Objective Thermodynamic Collapse: Resolving the Quantum Measurement Problem via Infodynamic Bandwidth Saturation

The quantum measurement problem has persisted largely because standard formalisms require the insertion of an external observer to collapse the wavefunction. This leaves physics without a kinematic mechanism for the actual transition from a continuous superposition to a discrete outcome. We propose here that wavefunction collapse functions as a deterministic thermodynamic phase transition, forced via the finite processing memory of the spatial vacuum. Operating within the Symbiotic Infodynamic Equilibrium (SIE) framework, we model the macroscopic vacuum as a discrete, finite-capacity Face-Centered Cubic (FCC) relational graph. A quantum superposition is evaluated here as an unformatted data-routing state distributed across this lattice. We show that maintaining this coherent spatial distribution imposes a linear infodynamic memory burden on the substrate. As the spatial extent or the mass of the superposed system increases, this informational burden intersects with the intrinsic holographic capacity of the localized state.

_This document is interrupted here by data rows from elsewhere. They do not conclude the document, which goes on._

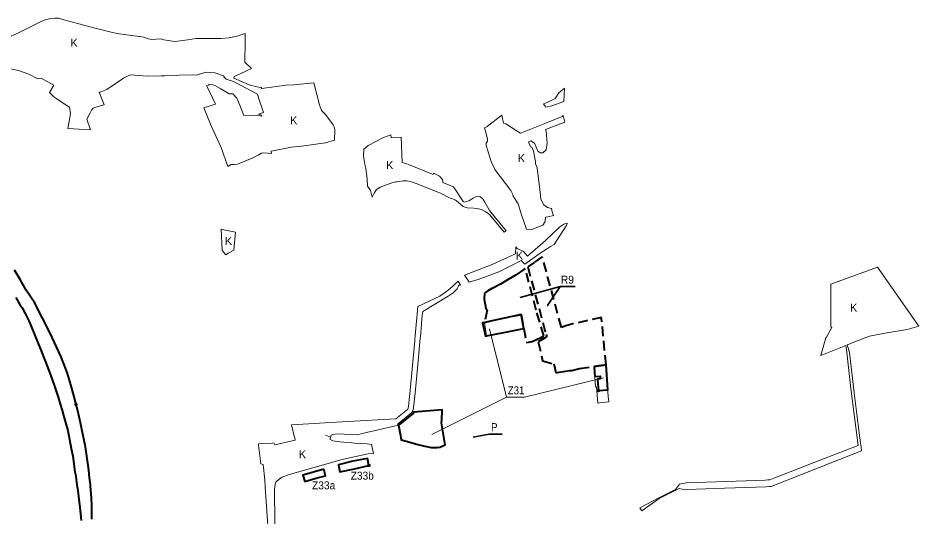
# Model space of a CAD drawing. Extents: x -650276 to -642489, y -1074311 to -1066658.
# Drawn here: x -645192 to -642489, y -1070308 to -1068813 of the extents above; entities that cross this region are included whole.
import ezdxf

# ---------------------------------------------------------------- set-up
doc = ezdxf.new("R2010")
doc.units = 0
doc.header["$LTSCALE"] = 9.6
doc.header["$PDMODE"] = 32
doc.header["$PDSIZE"] = 4.8
doc.linetypes.add('MEDIUM_DASHED', pattern=[4.5, 3, -1.5])
for name, color, linetype, lineweight in [('44', 7, 'Continuous', 40), ('45', 7, 'Continuous', 40), ('46', 7, 'Continuous', 13), ('47', 7, 'Continuous', 13), ('48', 7, 'Continuous', 13), ('60', 7, 'Continuous', 35), ('61', 7, 'MEDIUM_DASHED', 40), ('62', 7, 'Continuous', 35), ('63', 7, 'Continuous', 13)]:
    doc.layers.add(name, color=color, linetype=linetype, lineweight=lineweight)

msp = doc.modelspace()

# ---------------------------------------------------------------- linework, layer by layer
at = {"layer": '44'}
for points in [[(-645017.46, -1069970.61), (-645018.28, -1069967.49), (-645024.45, -1069944.43), (-645032.85, -1069912.07), (-645043.5, -1069878.37), (-645051.78, -1069854.2), (-645063.26, -1069825.99), (-645095.1, -1069757.62), (-645118.98, -1069710.08), (-645143.56, -1069664.05), (-645148.8, -1069656.1), (-645150.3, -1069653.84), (-645153.33, -1069649.24), (-645166.67, -1069629), (-645184.88, -1069596.58), (-645202.56, -1069568.23)], [(-645198.41, -1069650.49), (-645185.17, -1069673.38), (-645179.12, -1069681.3), (-645170.3, -1069698.91), (-645158.43, -1069722.61), (-645153.44, -1069734.71), (-645140.27, -1069766.68), (-645123.84, -1069805.38), (-645108.74, -1069843.58), (-645094.42, -1069882.65), (-645083.31, -1069913.37), (-645071.53, -1069948.89), (-645063.96, -1069973.73), (-645063.23, -1069976.2), (-645062.57, -1069978.46), (-645061.76, -1069981.21), (-645060.612, -1069985.022), (-645054.73, -1070004.56), (-645047.28, -1070031.83), (-645042.27, -1070049.23), (-645032.21, -1070102.73), (-645027.49, -1070126.56), (-645021.14, -1070173.07), (-645018.56, -1070184.92), (-645016.92, -1070196.32), (-645013.77, -1070220.04), (-645013.51, -1070222.04), (-645005.98, -1070280.14), (-645002.308, -1070319.268)], [(-645010.54, -1069999.3), (-645015.548, -1069978.177), (-645016.01, -1069976.23), (-645016.89, -1069972.82), (-645017.46, -1069970.61)], [(-644970.524, -1070315.358), (-644970.36, -1070275.49), (-644971.47, -1070250.14), (-644974, -1070216.2), (-644974.29, -1070213.17), (-644974.49, -1070210.98), (-644976.94, -1070191.41), (-644978.49, -1070180.05), (-644979.57, -1070167.9), (-644984.21, -1070132.81), (-644989.62, -1070097.79), (-644996.88, -1070059.73), (-645004.02, -1070026.44), (-645010.54, -1069999.3)]]:
    msp.add_lwpolyline(points, dxfattribs=at)
msp.add_point((-645017.46, -1069970.61), dxfattribs=at)
at = {"layer": '45'}
for p, q in [((-644138.78, -1070154.07), (-644143.31, -1070132.95)), ((-644182.31, -1070163.66), (-644138.78, -1070154.07))]:
    msp.add_line(p, q, dxfattribs=at)
for points in [[(-643791.88, -1069725.25), (-643797.75, -1069726.51), (-643789.3, -1069766.05), (-643786.35, -1069765.46), (-643764.94, -1069761.27), (-643729.34, -1069754.3), (-643674.3, -1069743.53), (-643682.61, -1069701.16)], [(-643791.88, -1069725.25), (-643797.75, -1069726.51), (-643789.3, -1069766.05), (-643786.35, -1069765.46), (-643764.94, -1069761.27), (-643729.34, -1069754.3), (-643674.3, -1069743.53), (-643682.61, -1069701.16)], [(-643920.84, -1070026.46), (-643920.29, -1070017.73), (-643920.16, -1070015.69), (-643918.69, -1069992.23), (-643918.88, -1069986.82), (-644004.06, -1069994.59), (-644005.92, -1069998.62), (-644044.7, -1070029.04), (-644050.12, -1070033.64), (-644044.18, -1070064.43), (-644041.71, -1070077.29), (-644022.77, -1070082.66), (-643991.99, -1070091.37), (-643971.03, -1070095.79), (-643951.99, -1070100.35), (-643933.96, -1070100.18), (-643926.33, -1070099.5), (-643909.87, -1070091.95)], [(-643920.84, -1070026.46), (-643920.29, -1070017.73), (-643920.16, -1070015.69), (-643918.69, -1069992.23), (-643918.88, -1069986.82), (-644004.06, -1069994.59), (-644005.92, -1069998.62), (-644044.7, -1070029.04), (-644050.12, -1070033.64), (-644044.18, -1070064.43), (-644041.71, -1070077.29), (-644022.77, -1070082.66), (-643991.99, -1070091.37), (-643971.03, -1070095.79), (-643951.99, -1070100.35), (-643933.96, -1070100.18), (-643926.33, -1070099.5), (-643909.87, -1070091.95)], [(-644274.246, -1070164.59), (-644337.256, -1070182.64), (-644331.096, -1070202.4), (-644294.206, -1070190.9), (-644269.036, -1070184.57)], [(-644274.246, -1070164.59), (-644337.256, -1070182.64), (-644331.096, -1070202.4), (-644294.206, -1070190.9), (-644269.036, -1070184.57)]]:
    msp.add_lwpolyline(points, close=True, dxfattribs=at)
for points in [[(-643450.3, -1069929.7), (-643422.204, -1069927.68), (-643427.6, -1069852.59), (-643463.51, -1069857.44)], [(-643463.51, -1069857.44), (-643463.31, -1069860.18), (-643461.327, -1069887.84)], [(-643461.327, -1069887.84), (-643445.37, -1069886.7), (-643444.79, -1069894.68), (-643452.77, -1069895.25), (-643451.74, -1069909.63), (-643450.3, -1069929.7)], [(-644143.31, -1070132.95), (-644143.31, -1070132.95), (-644143.31, -1070132.95), (-644187.11, -1070141.58), (-644230.4, -1070152.08), (-644226.23, -1070173.28), (-644182.31, -1070163.66)], [(-644143.31, -1070132.95), (-644143.31, -1070132.95), (-644143.31, -1070132.95), (-644187.11, -1070141.58), (-644230.4, -1070152.08), (-644226.23, -1070173.28), (-644182.31, -1070163.66)], [(-644182.31, -1070163.66), (-644138.78, -1070154.07), (-644143.31, -1070132.95)]]:
    msp.add_lwpolyline(points, dxfattribs=at)
for p in [(-643450.3, -1069929.7), (-644138.78, -1070154.07)]:
    msp.add_point(p, dxfattribs=at)
at = {"layer": '46'}
for points in [[(-643672.005, -1069949.473), (-643725.65, -1069949.473), (-643725.65, -1069949.473), (-643777.096, -1069744.435), (-643725.65, -1069949.473), (-643950.635, -1070061)], [(-643434.663, -1069891.167), (-643672.005, -1069949.473), (-643725.65, -1069949.473)]]:
    msp.add_lwpolyline(points, dxfattribs=at)
at = {"layer": '47'}
msp.add_line((-643785.6, -1069166.98), (-643782.92, -1069176.24), dxfattribs=at)
for points in [[(-645239.85, -1068880.94), (-645190.22, -1068857.23), (-645124.36, -1068824.11), (-645112.77, -1068819.13), (-645093.56, -1068814.27), (-645081.12, -1068813.15), (-645070.05, -1068814), (-645053.97, -1068818.31), (-644964.45, -1068842.38), (-644908.26, -1068856.91), (-644887.91, -1068860.82), (-644834.84, -1068867.4), (-644814.47, -1068870.12), (-644800.87, -1068874.97), (-644790.41, -1068877.73), (-644763.04, -1068875.63), (-644753.71, -1068878.41), (-644721.29, -1068883.2), (-644681.99, -1068878.15), (-644658.39, -1068874.59), (-644636.55, -1068874.02), (-644608.71, -1068874.78), (-644583.26, -1068874.26), (-644557.75, -1068872.33), (-644533.84, -1068867.2), (-644510.62, -1068859.35), (-644510.567, -1068897.909), (-644510.75, -1068931.16), (-644511.47, -1068945.37), (-644491.31, -1068964.35), (-644523.4, -1068978.98), (-644543.05, -1068988.64), (-644544.02, -1068993.75), (-644498.28, -1069013.19), (-644475.09, -1069018.99), (-644461.74, -1069020.83), (-644459.67, -1069024.41), (-644387.91, -1069014.64), (-644364.53, -1069012.83), (-644304.6, -1069007.55), (-644286.94, -1069073.19)], [(-645131.73, -1068995.69), (-645159.37, -1068981.11), (-645189.84, -1068969.91), (-645229.27, -1068962.28), (-645232.4, -1068961.67), (-645255.21, -1068962.49), (-645275.45, -1068964.38), (-645292.77, -1068966.91), (-645311.99, -1068972.74), (-645328.55, -1068980.37), (-645350.17, -1068993.33), (-645371.35, -1069010.64), (-645396.53, -1069030.88)], [(-644473.222, -1069040.994), (-644545.54, -1069003.12), (-644567.09, -1068996.26), (-644572.05, -1068991.08), (-644575.29, -1068986.48), (-644600.67, -1068977.77), (-644627.41, -1068975.6), (-644657.61, -1068983.91), (-644667.57, -1068983.47), (-644708.6, -1068984.54), (-644750.67, -1068986.34), (-644761.88, -1068986.27), (-644803.31, -1068986.97), (-644855.56, -1068983.38), (-644875.57, -1068993.47), (-644925.35, -1069027.75), (-644944.9, -1069035.04), (-644948.575, -1069035.675)], [(-644948.575, -1069035.675), (-644941.27, -1069052.9), (-644932.95, -1069073.65), (-644958.25, -1069079.99), (-644965.95, -1069083.67), (-644970.84, -1069088.8), (-644975.56, -1069097.564), (-644985.15, -1069116.67), (-644974.34, -1069147.85), (-645041.751, -1069143.816), (-645034.13, -1069099.79), (-645036.87, -1069079.78), (-645052.83, -1069070.4), (-645075.206, -1069055.523), (-645084.19, -1069049.55), (-645096.97, -1069036.63), (-645084.17, -1069013.922), (-645122.25, -1068993.21), (-645131.73, -1068995.69)], [(-644286.94, -1069073.19), (-644281.26, -1069090.19), (-644269.11, -1069102.31), (-644245.65, -1069133.66), (-644243.14, -1069139.47), (-644240.67, -1069148.58), (-644242.48, -1069179.49), (-644268.7, -1069187.42), (-644340.83, -1069197.13), (-644371.08, -1069199.84), (-644432.53, -1069212.02), (-644430.91, -1069218.82), (-644454.87, -1069217.05), (-644460.97, -1069217.61), (-644470.64, -1069224), (-644489.27, -1069233.04), (-644532.71, -1069251.12), (-644541.83, -1069251.66), (-644552.01, -1069252.24), (-644562.47, -1069257.56), (-644582.29, -1069201.27), (-644612.3, -1069136.45), (-644614.41, -1069131.08), (-644633.66, -1069082), (-644598.81, -1069071.02), (-644619.54, -1069029.55), (-644625.69, -1069015.84), (-644618.8, -1069014.7), (-644619.1, -1069011.81), (-644607.16, -1069013.56), (-644601.43, -1069015.74), (-644583.05, -1069025.29), (-644563.19, -1069037.21), (-644558.56, -1069039.86), (-644553.62, -1069040.53), (-644547.31, -1069040.11), (-644535.13, -1069053.18), (-644525.83, -1069073.84), (-644514.47, -1069105.62), (-644474.33, -1069104.22), (-644459.82, -1069106.73), (-644461.01, -1069104.36), (-644470.37, -1069101.55), (-644454.75, -1069096.51), (-644469.28, -1069054.8), (-644473.222, -1069040.994)], [(-643697.29, -1069149.7), (-643728.49, -1069129.95), (-643734.75, -1069128.3), (-643739.66, -1069104.58), (-643747.75, -1069110.71), (-643779.31, -1069134.63), (-643784.55, -1069137.77), (-643792.04, -1069142.27), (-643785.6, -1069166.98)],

Setting this microscopic capacity (S_cap proportional to M^-2) equal to the macroscopic Bekenstein-Hawking entropy (S_BH proportional to M^2) derives a first-principles boundary for quantum behavior (M_cut = m_P / sqrt(2)). We structurally redefine observation not as a conscious act of measurement, but as an entanglement-driven mass transfer. When a microscopic system interacts with a macroscopic apparatus, the aggregate mass penalty breaches the local bandwidth limit of the vacuum, thereby forcing a deterministic formatting of the state. This infodynamic bandwidth saturation yields explicit spatial (delta x_max proportional to M^-3) and temporal limits for objective reduction, while predicting a falsifiable discrete Landauer thermal purge detectable via macroscopic optomechanical interferometry.